The Electoral College wasn't "intended" to stand by any statewide popular vote. Quite the opposite. The Constitution as originally written allowed states to set whatever rules they want for selection of electors. For our first four elections, a majority of states had their legislature choose their electors, with zero input from the citizens. That method remained commonplace until the 1820s when it rapidly fell out of favor; by 1832 only South Carolina lacked any sort of popular vote method for elector selection, and it didn't switch to the popular vote until 1868. The states only allow its residents to have a vote as a consideration. They aren't obliged to honor a damn thing.

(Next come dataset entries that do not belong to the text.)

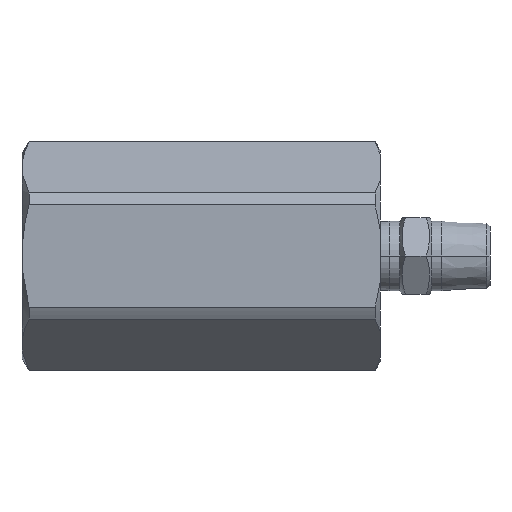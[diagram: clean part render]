
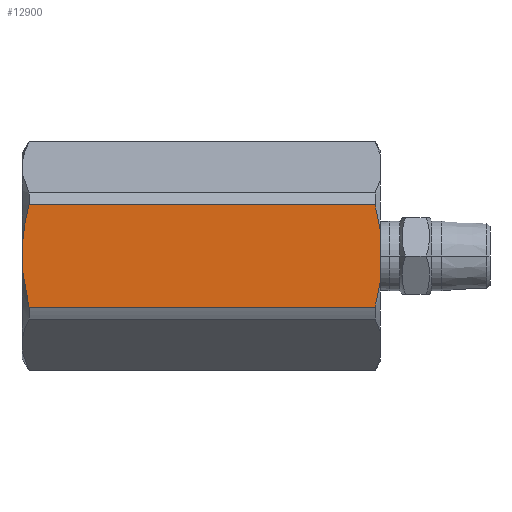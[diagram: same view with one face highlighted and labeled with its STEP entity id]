
A CAD part, front view. The second image highlights one B-rep face of the part: STEP entity #12900.
In plain terms, the highlighted planar face has unit normal (0, -1, 0).
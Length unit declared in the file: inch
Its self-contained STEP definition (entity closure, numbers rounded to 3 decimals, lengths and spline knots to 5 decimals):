
#2807=DIRECTION('',(-1.,0.,0.));
#2808=VECTOR('',#2807,3.38296);
#2809=CARTESIAN_POINT('',(3.45148,-1.,-0.4988));
#2810=LINE('',#2809,#2808);
#2811=CARTESIAN_POINT('',(0.06852,-1.,-0.4988));
#2812=CARTESIAN_POINT('',(0.06427,-1.,-0.48232));
#2813=CARTESIAN_POINT('',(0.05617,-1.,-0.44956));
#2814=CARTESIAN_POINT('',(0.04522,-1.,-0.40113));
#2815=CARTESIAN_POINT('',(0.03546,-1.,-0.35324));
#2816=CARTESIAN_POINT('',(0.02687,-1.,-0.30573));
#2817=CARTESIAN_POINT('',(0.01947,-1.,-0.2585));
#2818=CARTESIAN_POINT('',(0.01325,-1.,-0.21142));
#2819=CARTESIAN_POINT('',(0.00823,-1.,-0.1644));
#2820=CARTESIAN_POINT('',(0.00444,-1.,-0.11744));
#2821=CARTESIAN_POINT('',(0.0019,-1.,-0.07046));
#2822=CARTESIAN_POINT('',(0.00063,-1.,-0.02348));
#2823=CARTESIAN_POINT('',(0.00063,-1.,0.02348));
#2824=CARTESIAN_POINT('',(0.0019,-1.,0.07046));
#2825=CARTESIAN_POINT('',(0.00444,-1.,0.11744));
#2826=CARTESIAN_POINT('',(0.00823,-1.,0.1644));
#2827=CARTESIAN_POINT('',(0.01325,-1.,0.21142));
#2828=CARTESIAN_POINT('',(0.01947,-1.,0.25851));
#2829=CARTESIAN_POINT('',(0.02687,-1.,0.30573));
#2830=CARTESIAN_POINT('',(0.03546,-1.,0.35324));
#2831=CARTESIAN_POINT('',(0.04522,-1.,0.40113));
#2832=CARTESIAN_POINT('',(0.05617,-1.,0.44956));
#2833=CARTESIAN_POINT('',(0.06427,-1.,0.48232));
#2834=CARTESIAN_POINT('',(0.06852,-1.,0.4988));
#2836=DIRECTION('',(-1.,0.,0.));
#2837=VECTOR('',#2836,3.38296);
#2838=CARTESIAN_POINT('',(3.45148,-1.,0.4988));
#2839=LINE('',#2838,#2837);
#2840=CARTESIAN_POINT('',(3.5,-1.,0.26083));
#2841=CARTESIAN_POINT('',(3.49771,-1.,0.27654));
#2842=CARTESIAN_POINT('',(3.49274,-1.,0.308));
#2843=CARTESIAN_POINT('',(3.48415,-1.,0.35522));
#2844=CARTESIAN_POINT('',(3.47444,-1.,0.40267));
#2845=CARTESIAN_POINT('',(3.46362,-1.,0.45044));
#2846=CARTESIAN_POINT('',(3.45565,-1.,0.48263));
#2847=CARTESIAN_POINT('',(3.45148,-1.,0.4988));
#2849=CARTESIAN_POINT('',(3.45148,-1.,-0.4988));
#2850=CARTESIAN_POINT('',(3.45566,-1.,-0.48258));
#2851=CARTESIAN_POINT('',(3.46365,-1.,-0.45031));
#2852=CARTESIAN_POINT('',(3.47448,-1.,-0.40248));
#2853=CARTESIAN_POINT('',(3.48419,-1.,-0.35504));
#2854=CARTESIAN_POINT('',(3.49276,-1.,-0.30788));
#2855=CARTESIAN_POINT('',(3.49772,-1.,-0.2765));
#2856=CARTESIAN_POINT('',(3.5,-1.,-0.26083));
#3007=DIRECTION('',(0.,0.,1.));
#3008=VECTOR('',#3007,0.52166);
#3009=CARTESIAN_POINT('',(3.5,-1.,-0.26083));
#3010=LINE('',#3009,#3008);
#8681=CARTESIAN_POINT('',(3.5,-1.,-0.26083));
#8683=VERTEX_POINT('',#8681);
#8684=CARTESIAN_POINT('',(3.5,-1.,0.26083));
#8686=VERTEX_POINT('',#8684);
#8731=CARTESIAN_POINT('',(3.45148,-1.,-0.4988));
#8732=CARTESIAN_POINT('',(0.06852,-1.,-0.4988));
#8733=VERTEX_POINT('',#8731);
#8734=VERTEX_POINT('',#8732);
#8735=CARTESIAN_POINT('',(3.45148,-1.,0.4988));
#8736=CARTESIAN_POINT('',(0.06852,-1.,0.4988));
#8737=VERTEX_POINT('',#8735);
#8738=VERTEX_POINT('',#8736);
#12883=CARTESIAN_POINT('',(0.,-1.,-0.57735));
#12884=DIRECTION('',(0.,-1.,0.));
#12885=DIRECTION('',(0.,0.,1.));
#12886=AXIS2_PLACEMENT_3D('',#12883,#12884,#12885);
#12887=PLANE('',#12886);
#12888=ORIENTED_EDGE('',*,*,#12876,.T.);
#12889=ORIENTED_EDGE('',*,*,#12811,.T.);
#12891=ORIENTED_EDGE('',*,*,#12890,.F.);
#12893=ORIENTED_EDGE('',*,*,#12892,.F.);
#12895=ORIENTED_EDGE('',*,*,#12894,.F.);
#12897=ORIENTED_EDGE('',*,*,#12896,.F.);
#12898=EDGE_LOOP('',(#12888,#12889,#12891,#12893,#12895,#12897));
#12899=FACE_OUTER_BOUND('',#12898,.F.);
#12900=ADVANCED_FACE('',(#12899),#12887,.T.);
#2835=B_SPLINE_CURVE_WITH_KNOTS('',3,(#2811,#2812,#2813,#2814,#2815,#2816,#2817,
#2818,#2819,#2820,#2821,#2822,#2823,#2824,#2825,#2826,#2827,#2828,#2829,#2830,
#2831,#2832,#2833,#2834),.UNSPECIFIED.,.F.,.F.,(4,1,1,1,1,1,1,1,1,1,1,1,1,1,1,1,
1,1,1,1,1,4),(0.,0.04762,0.09524,0.14286,
0.19048,0.2381,0.28571,0.33333,
0.38095,0.42857,0.47619,0.52381,
0.57143,0.61905,0.66667,0.71429,
0.7619,0.80952,0.85714,0.90476,
0.95238,1.),.UNSPECIFIED.);
#2848=B_SPLINE_CURVE_WITH_KNOTS('',3,(#2840,#2841,#2842,#2843,#2844,#2845,#2846,
#2847),.UNSPECIFIED.,.F.,.F.,(4,1,1,1,1,4),(0.,0.2,0.4,0.6,0.8,1.),
.UNSPECIFIED.);
#2857=B_SPLINE_CURVE_WITH_KNOTS('',3,(#2849,#2850,#2851,#2852,#2853,#2854,#2855,
#2856),.UNSPECIFIED.,.F.,.F.,(4,1,1,1,1,4),(0.,0.2,0.4,0.6,0.8,1.),
.UNSPECIFIED.);
#12811=EDGE_CURVE('',#8734,#8738,#2835,.T.);
#12876=EDGE_CURVE('',#8733,#8734,#2810,.T.);
#12890=EDGE_CURVE('',#8737,#8738,#2839,.T.);
#12892=EDGE_CURVE('',#8686,#8737,#2848,.T.);
#12894=EDGE_CURVE('',#8683,#8686,#3010,.T.);
#12896=EDGE_CURVE('',#8733,#8683,#2857,.T.);

But the EC wasn't intended to be a rubber stamp, regardless of the state's elector selection rules. The electors are not constitutionally mandated to vote a particular way, and faithless electors have been around for 200 years, albeit in very limited numbers. Alexander Hamilton argued again the EC being a rubber stamp in the Federalist Papers No. 68. But by and large the EC has been little more than a rubber stamp its entire existence, and 31 states have laws mandating that its electors act as such. Trump has repeatedly shown that he was exactly the kind of person Hamilton warned about 228 years ago and the EC was arguably designed to stop. Two weeks ago the Electoral College had one last chance to justify its existence, and it failed.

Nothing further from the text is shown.